Washington Correspondent, La Opinión / Impremedia

Nicaraguan-born María Peña has lived in the United States since 1978, and she has worked as a bilingual journalist in Washington for close to 30 years. Throughout her career, she has interviewed celebrities as well as local, state, and national leaders, including President Barack Obama, both as a candidate in 2008 and just prior to his reelection in 2012.

Maria has also interviewed foreign dignitaries, and she has covered international summits and various NGO events. Recently, she covered the move of the US and Guatemalan embassies in Israel, and in the Spring of 2016, she covered President Obama’s historic visit to Cuba.
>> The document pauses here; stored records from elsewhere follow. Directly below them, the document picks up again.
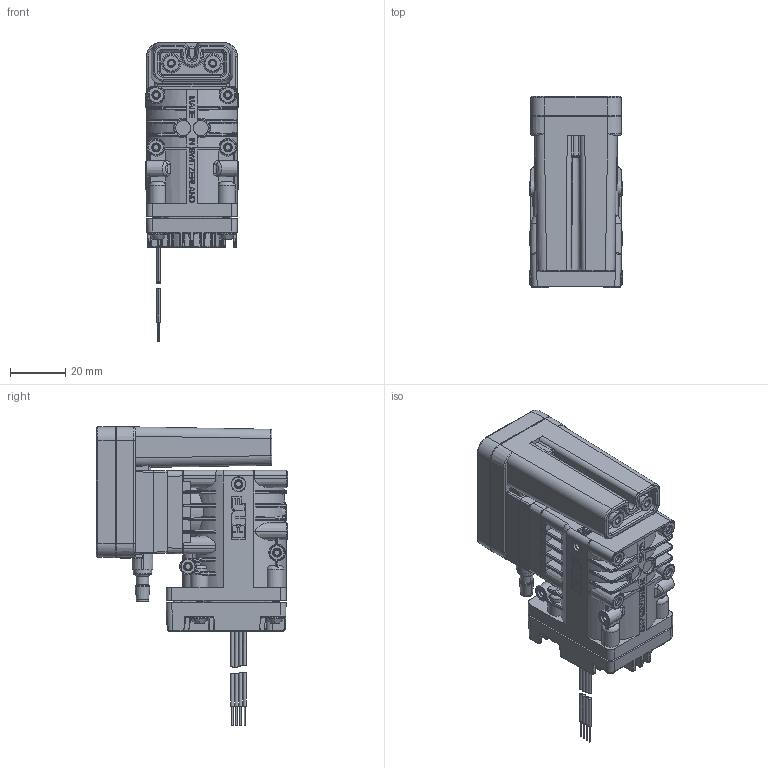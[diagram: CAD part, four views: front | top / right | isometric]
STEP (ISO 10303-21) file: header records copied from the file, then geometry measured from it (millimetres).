
FILE_DESCRIPTION((''),'2;1');
FILE_NAME('358680_2','2026-01-13T11:28:24',('Brian.Timoney'),('KNF Flodos AG, 6210 Sursee, Switzerland'),'CREO PARAMETRIC BY PTC INC, 2024401','CREO PARAMETRIC BY PTC INC, 2024401','');
FILE_SCHEMA(('AP242_MANAGED_MODEL_BASED_3D_ENGINEERING_MIM_LF { 1 0 10303 442 1 1 4 }'));
Products named in the file (1): 358680_2
Bounding box: 33.4 x 69.3 x 108.36 mm (x, y, z)
Volume: 121494.6 mm3; surface area: 29243.6 mm2
Topology: 5 solids, 5 shells, 3922 faces, 9968 edges, 6205 vertices
Faces by surface type: plane 1929, cylinder 919, bspline 452, torus 284, cone 158, extrusion 102, sphere 78
Entity records: 164178 total; most frequent: CARTESIAN_POINT 72120, ORIENTED_EDGE 19932, DIRECTION 17847, EDGE_CURVE 9966, VECTOR 6247, VERTEX_POINT 6205, LINE 6145, AXIS2_PLACEMENT_3D 5800
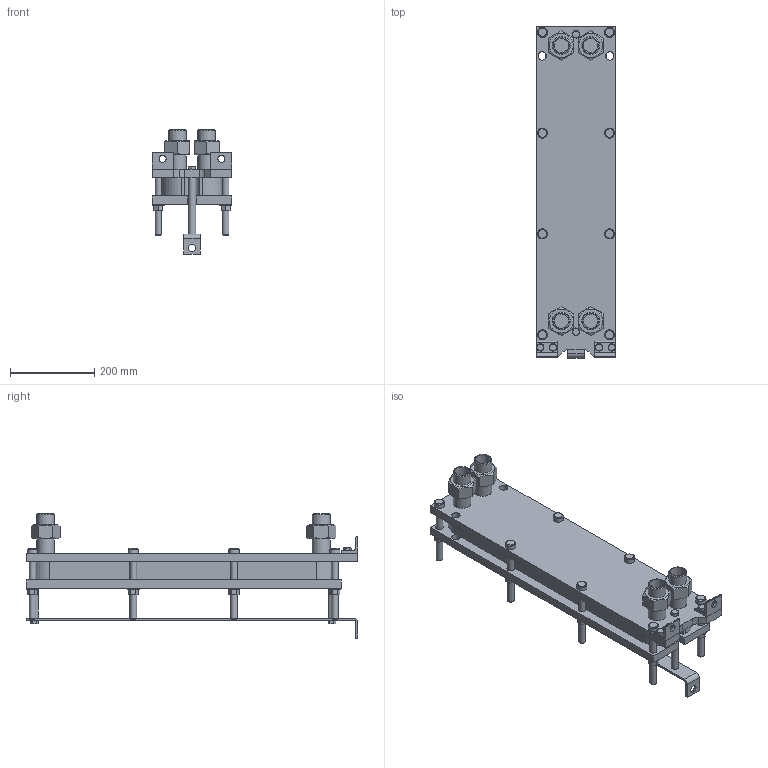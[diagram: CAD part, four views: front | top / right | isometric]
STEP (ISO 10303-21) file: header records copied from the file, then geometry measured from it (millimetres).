
FILE_DESCRIPTION(/* description */ (''),/* implementation_level */ '2;1');
FILE_NAME(/* name */ 'C:\Users\zhuro\Desktop\ENCO\TO\ЭН-008\ЭН-0,5-008-14-1.stp',/* time_stamp */ '2022-06-06T10:46:02+03:00',/* author */ ('zhuro'),/* organization */ (''),/* preprocessor_version */ 'ST-DEVELOPER v18.1',/* originating_system */ 'Autodesk Inventor 2022',/* authorisation */ '');
FILE_SCHEMA (('AUTOMOTIVE_DESIGN { 1 0 10303 214 3 1 1 }'));
Length unit declared in the file: millimetre
Products named in the file (1): ЭН-0,5-008-14-1
Bounding box: 190 x 790 x 296.2 mm (x, y, z)
Volume: 11032537.9 mm3; surface area: 1294065.4 mm2
Topology: 40 solids, 40 shells, 428 faces, 924 edges, 606 vertices
Faces by surface type: plane 273, cylinder 109, cone 40, torus 6
Full cylindrical faces by diameter (mm): 12 x6, 14 x2, 16 x20, 17 x8, 18 x19, 20 x5, 24 x8, 28 x8, 34.3 x8, 42.3 x8
Entity records: 15843 total; most frequent: CARTESIAN_POINT 5991, DIRECTION 1984, ORIENTED_EDGE 1848, EDGE_CURVE 924, AXIS2_PLACEMENT_3D 715, VERTEX_POINT 606, LINE 554, VECTOR 554

Later that year, she covered a world summit of mayors and regional leaders in Bogotá, Colombia.

She’s currently the Washington Senior Political Correspondent for La Opinion/Impremedia, covering all issues impacting the thriving Latino community in the US, including immigration, trade, foreign policy, education, housing, and electoral politics.

As part of her immigration coverage, she has traveled extensively throughout the southern border, visiting communities on both sides, and interviewing politicians and regular folks.

She has chronicled the deployment of the “Minutemen”, the congressional gridlock on immigration reform, the plight of undocumented workers at risk for deportation and, currently, the unprecedented activism in the immigrant community against president Donald Trump’s policies.

In the past, she has also worked for EFE, UPI, NBC Canal de Noticias, Univision, and Telemundo.
Maria is a regular panelist at prestigious TV talk shows, including Voice of America, Univisión’s “Al Punto”, CGTN America, Canadian Broadcasting Corporation (CBC), CNN’s “Choque de Opiniones”, and Colombian NTN24’s “Club de Prensa”.

She also frequently participates in workshops, panels, media roundtables, and briefings organized by congressional committees, universities, NGOs, think tanks, and the State Department.

Maria is an active member of the White House Correspondents Association, and the National Association of Hispanic Journalists. Her work got national recognition from the League of United Latin American Citizens (LULAC) in 2016.
She holds a B.A. in Broadcast Journalism and a minor in French from the American University (CAS ’90), where she has occasionally done graduate courses in human rights and conflict resolution.

She lives with her husband and two teenage daughters in Gaithersburg, Maryland. Her hobbies include reading, music, art, cooking, gardening, and other outdoor activities.